(Records from a data source)
Segment Open
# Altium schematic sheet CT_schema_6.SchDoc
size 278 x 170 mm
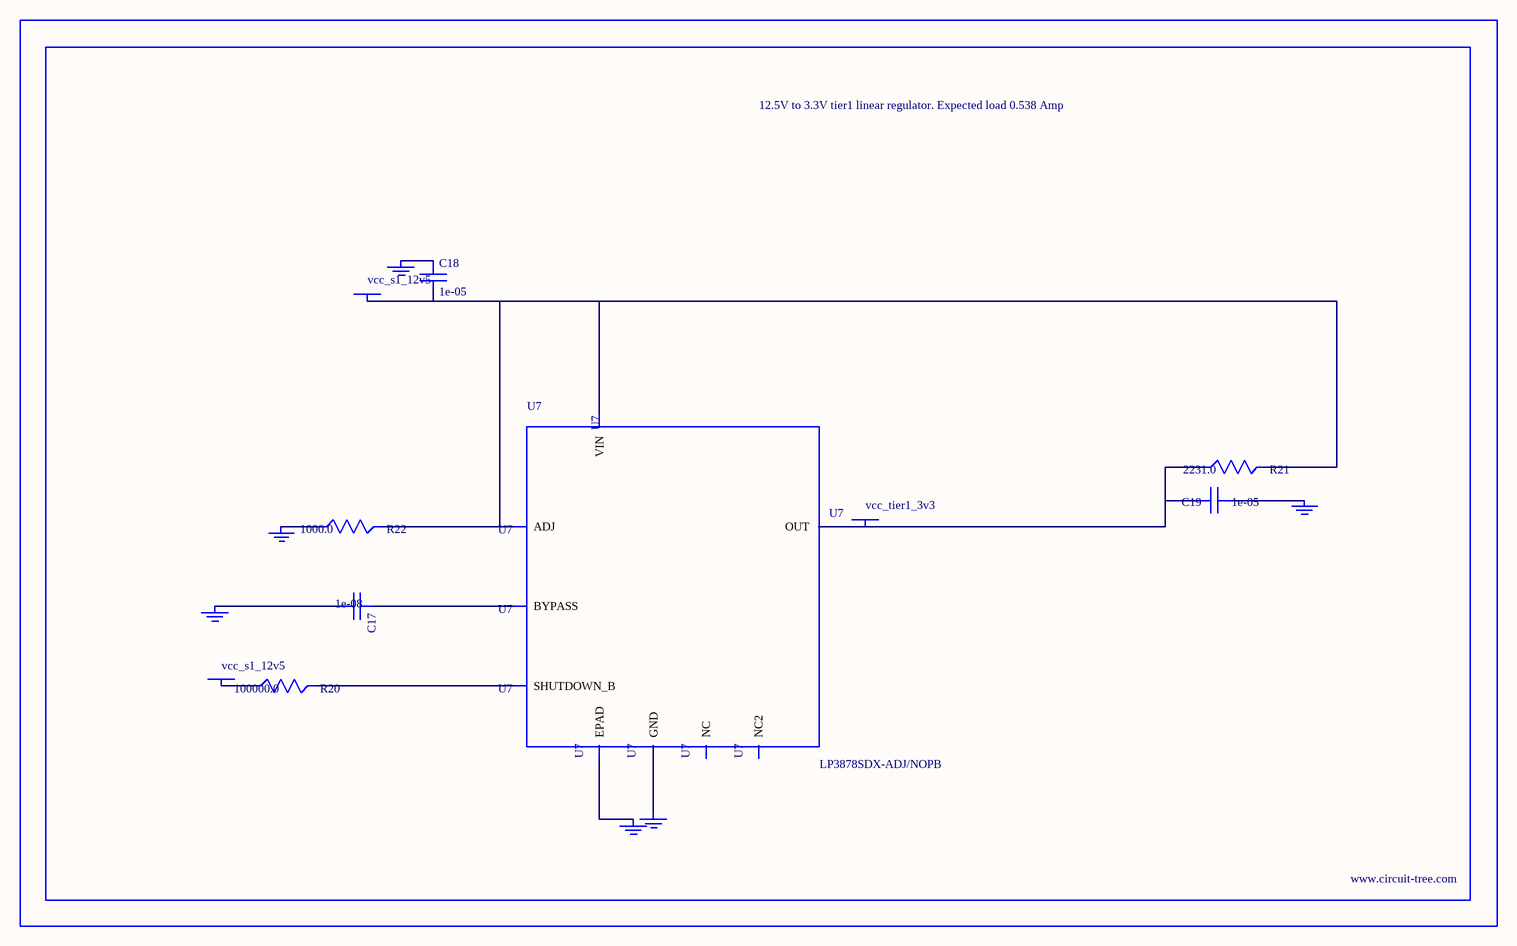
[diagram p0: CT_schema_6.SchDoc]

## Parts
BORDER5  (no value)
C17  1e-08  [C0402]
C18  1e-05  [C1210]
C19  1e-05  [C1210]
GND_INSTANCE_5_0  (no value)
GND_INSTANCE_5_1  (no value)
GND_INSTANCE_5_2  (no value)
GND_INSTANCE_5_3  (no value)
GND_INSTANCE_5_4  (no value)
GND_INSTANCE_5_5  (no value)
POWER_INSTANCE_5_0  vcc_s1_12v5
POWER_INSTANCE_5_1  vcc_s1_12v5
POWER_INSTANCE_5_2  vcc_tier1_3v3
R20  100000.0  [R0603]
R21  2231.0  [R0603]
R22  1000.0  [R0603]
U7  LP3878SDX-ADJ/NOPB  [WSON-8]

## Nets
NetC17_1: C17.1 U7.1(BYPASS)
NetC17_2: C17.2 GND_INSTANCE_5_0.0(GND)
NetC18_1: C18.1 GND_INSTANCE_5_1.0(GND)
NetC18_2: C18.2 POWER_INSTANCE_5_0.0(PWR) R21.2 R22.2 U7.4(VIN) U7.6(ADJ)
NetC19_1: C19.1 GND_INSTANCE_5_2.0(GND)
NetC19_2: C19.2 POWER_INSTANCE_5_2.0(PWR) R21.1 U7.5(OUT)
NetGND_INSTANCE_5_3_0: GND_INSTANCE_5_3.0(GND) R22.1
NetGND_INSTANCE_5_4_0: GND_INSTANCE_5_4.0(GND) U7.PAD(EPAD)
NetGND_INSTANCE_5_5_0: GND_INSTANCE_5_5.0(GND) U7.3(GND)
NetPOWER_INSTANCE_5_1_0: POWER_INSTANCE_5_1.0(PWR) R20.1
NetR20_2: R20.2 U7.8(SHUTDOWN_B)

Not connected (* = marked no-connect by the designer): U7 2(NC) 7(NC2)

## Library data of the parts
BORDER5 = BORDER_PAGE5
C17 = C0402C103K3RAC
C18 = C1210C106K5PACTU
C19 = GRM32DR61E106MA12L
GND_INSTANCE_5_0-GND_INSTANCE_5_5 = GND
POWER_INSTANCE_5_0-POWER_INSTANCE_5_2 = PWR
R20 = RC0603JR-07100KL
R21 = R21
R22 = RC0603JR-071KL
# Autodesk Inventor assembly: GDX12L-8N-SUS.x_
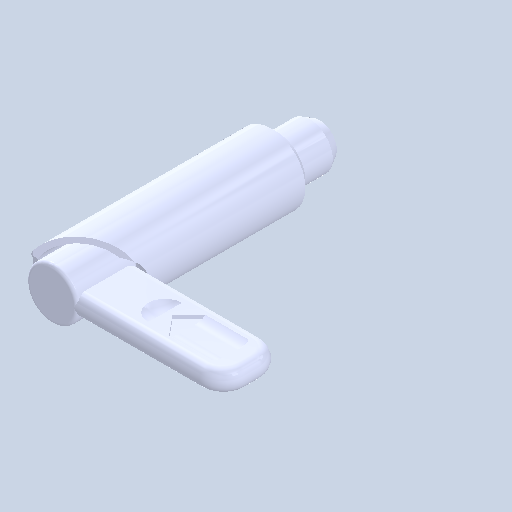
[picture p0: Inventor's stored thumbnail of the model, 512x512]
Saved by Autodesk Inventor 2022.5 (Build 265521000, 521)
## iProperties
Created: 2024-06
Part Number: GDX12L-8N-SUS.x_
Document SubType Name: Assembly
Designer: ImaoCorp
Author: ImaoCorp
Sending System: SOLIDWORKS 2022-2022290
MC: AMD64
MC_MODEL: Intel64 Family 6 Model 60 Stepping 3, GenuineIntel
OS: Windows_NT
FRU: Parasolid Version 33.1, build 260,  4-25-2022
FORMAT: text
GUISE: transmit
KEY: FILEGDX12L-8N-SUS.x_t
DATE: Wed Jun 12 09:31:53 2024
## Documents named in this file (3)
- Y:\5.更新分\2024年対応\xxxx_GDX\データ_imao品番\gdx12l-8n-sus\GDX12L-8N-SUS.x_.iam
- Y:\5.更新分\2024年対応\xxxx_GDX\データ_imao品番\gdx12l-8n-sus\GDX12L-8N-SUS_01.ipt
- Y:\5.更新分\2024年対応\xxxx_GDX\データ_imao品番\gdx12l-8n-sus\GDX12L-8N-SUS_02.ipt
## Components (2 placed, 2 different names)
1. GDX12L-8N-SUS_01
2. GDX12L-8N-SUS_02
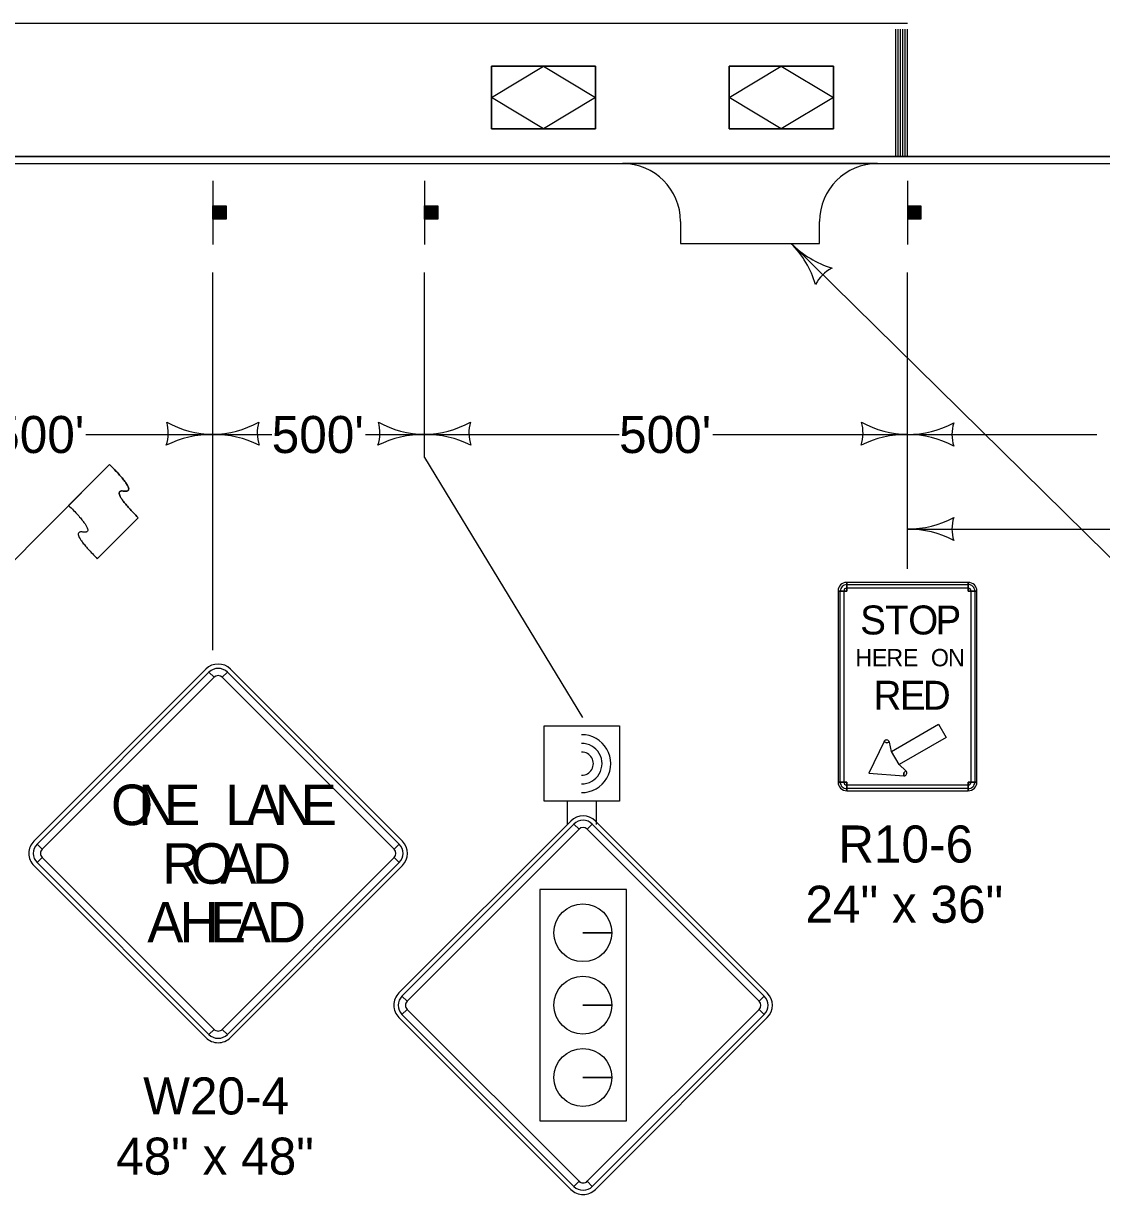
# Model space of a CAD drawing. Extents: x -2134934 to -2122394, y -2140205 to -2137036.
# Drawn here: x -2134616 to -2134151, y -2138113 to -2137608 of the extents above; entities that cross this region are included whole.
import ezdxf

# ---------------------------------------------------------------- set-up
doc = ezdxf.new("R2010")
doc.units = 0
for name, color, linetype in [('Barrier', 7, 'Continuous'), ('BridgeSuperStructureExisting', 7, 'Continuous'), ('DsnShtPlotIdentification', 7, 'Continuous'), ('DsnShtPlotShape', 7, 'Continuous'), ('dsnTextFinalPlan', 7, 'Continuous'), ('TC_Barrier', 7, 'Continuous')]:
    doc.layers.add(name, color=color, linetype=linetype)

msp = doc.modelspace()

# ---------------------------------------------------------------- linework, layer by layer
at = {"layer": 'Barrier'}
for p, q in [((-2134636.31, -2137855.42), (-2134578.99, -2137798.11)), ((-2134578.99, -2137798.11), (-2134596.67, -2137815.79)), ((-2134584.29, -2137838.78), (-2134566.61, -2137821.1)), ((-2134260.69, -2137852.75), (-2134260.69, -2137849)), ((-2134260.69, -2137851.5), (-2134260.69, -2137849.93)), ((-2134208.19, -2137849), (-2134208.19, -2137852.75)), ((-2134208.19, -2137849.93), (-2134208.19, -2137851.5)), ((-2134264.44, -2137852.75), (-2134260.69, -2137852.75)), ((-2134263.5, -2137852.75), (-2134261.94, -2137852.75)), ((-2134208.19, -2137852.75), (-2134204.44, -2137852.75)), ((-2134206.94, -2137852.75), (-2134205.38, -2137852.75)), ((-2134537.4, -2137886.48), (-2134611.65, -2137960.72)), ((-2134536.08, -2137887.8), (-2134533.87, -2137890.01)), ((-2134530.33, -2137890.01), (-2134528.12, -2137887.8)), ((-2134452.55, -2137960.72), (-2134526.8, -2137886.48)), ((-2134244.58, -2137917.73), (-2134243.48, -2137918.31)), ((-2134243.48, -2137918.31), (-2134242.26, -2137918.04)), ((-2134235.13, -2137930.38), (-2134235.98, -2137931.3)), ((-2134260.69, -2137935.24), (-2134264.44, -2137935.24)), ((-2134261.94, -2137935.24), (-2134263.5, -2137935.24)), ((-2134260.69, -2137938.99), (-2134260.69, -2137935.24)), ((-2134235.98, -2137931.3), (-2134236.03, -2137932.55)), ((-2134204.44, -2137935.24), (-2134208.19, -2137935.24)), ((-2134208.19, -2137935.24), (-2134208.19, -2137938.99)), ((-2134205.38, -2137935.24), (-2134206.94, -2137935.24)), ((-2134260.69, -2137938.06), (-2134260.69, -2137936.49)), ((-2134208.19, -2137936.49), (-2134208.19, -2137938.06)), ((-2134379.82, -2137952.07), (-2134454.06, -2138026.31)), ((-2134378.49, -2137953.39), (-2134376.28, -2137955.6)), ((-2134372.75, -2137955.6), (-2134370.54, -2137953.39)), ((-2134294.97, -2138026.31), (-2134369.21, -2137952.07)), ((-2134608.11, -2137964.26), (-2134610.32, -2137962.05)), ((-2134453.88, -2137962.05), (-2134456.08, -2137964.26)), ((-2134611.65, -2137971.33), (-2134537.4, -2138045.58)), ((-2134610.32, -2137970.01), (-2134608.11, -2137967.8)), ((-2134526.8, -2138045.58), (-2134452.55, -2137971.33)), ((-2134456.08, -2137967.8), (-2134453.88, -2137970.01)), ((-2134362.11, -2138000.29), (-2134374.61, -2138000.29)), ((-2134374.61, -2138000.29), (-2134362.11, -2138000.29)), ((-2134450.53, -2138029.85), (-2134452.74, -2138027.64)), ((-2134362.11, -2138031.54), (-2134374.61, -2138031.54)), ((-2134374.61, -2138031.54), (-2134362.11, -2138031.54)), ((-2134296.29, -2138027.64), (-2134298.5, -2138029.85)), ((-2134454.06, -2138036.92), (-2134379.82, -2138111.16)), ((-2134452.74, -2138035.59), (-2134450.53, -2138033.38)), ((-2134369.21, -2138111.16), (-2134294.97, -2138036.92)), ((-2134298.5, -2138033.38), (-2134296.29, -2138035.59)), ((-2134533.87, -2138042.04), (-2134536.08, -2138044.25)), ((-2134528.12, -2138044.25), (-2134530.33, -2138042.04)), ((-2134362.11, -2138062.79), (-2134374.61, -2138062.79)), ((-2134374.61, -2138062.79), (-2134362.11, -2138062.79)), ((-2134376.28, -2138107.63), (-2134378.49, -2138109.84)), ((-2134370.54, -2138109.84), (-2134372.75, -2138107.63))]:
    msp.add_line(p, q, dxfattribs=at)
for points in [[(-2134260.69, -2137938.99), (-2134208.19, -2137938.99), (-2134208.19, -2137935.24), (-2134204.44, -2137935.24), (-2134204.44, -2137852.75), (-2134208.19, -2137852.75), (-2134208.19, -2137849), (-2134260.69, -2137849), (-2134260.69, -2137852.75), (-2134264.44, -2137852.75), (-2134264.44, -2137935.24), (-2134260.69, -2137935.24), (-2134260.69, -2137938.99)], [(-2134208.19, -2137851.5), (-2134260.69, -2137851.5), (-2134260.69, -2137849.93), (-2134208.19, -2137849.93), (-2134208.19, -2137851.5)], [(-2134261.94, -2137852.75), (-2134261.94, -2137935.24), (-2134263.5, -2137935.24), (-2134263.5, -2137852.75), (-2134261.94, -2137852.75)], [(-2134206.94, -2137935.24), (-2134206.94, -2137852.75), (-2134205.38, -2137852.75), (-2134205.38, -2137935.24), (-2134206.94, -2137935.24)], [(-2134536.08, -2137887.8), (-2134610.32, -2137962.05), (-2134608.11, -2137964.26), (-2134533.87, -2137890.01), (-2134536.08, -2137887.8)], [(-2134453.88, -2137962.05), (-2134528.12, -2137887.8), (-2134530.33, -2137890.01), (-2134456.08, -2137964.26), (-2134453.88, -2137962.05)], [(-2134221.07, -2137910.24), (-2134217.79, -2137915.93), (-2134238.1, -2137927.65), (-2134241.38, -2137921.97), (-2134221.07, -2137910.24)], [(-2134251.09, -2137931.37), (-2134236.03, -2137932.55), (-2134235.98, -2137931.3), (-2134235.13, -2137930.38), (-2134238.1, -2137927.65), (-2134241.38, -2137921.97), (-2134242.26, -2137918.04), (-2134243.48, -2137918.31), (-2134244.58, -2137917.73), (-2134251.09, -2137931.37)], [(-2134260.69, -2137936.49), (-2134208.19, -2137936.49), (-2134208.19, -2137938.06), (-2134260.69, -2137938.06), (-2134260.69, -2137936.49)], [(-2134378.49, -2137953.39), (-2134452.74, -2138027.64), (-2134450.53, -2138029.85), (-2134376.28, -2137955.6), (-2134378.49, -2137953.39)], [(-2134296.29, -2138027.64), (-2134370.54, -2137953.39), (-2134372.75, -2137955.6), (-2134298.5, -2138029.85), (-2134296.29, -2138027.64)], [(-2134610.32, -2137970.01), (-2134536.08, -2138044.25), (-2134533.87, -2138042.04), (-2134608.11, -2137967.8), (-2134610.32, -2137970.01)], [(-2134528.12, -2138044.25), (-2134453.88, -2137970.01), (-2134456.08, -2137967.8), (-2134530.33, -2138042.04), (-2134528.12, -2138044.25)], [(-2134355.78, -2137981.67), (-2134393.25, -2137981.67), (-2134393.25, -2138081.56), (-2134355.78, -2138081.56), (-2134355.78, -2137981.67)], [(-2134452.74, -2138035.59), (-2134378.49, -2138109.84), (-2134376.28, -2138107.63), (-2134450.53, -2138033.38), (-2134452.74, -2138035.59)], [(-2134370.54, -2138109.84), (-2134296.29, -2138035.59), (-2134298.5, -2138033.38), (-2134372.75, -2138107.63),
Segment Closed
▸ **Exercise directions**: Every line above that holds the word "Barrier" needs to be copied.

▸ **Solution for this problem**:
for name, color, linetype in [('Barrier', 7, 'Continuous'), ('BridgeSuperStructureExisting', 7, 'Continuous'), ('DsnShtPlotIdentification', 7, 'Continuous'), ('DsnShtPlotShape', 7, 'Continuous'), ('dsnTextFinalPlan', 7, 'Continuous'), ('TC_Barrier', 7, 'Continuous')]:
at = {"layer": 'Barrier'}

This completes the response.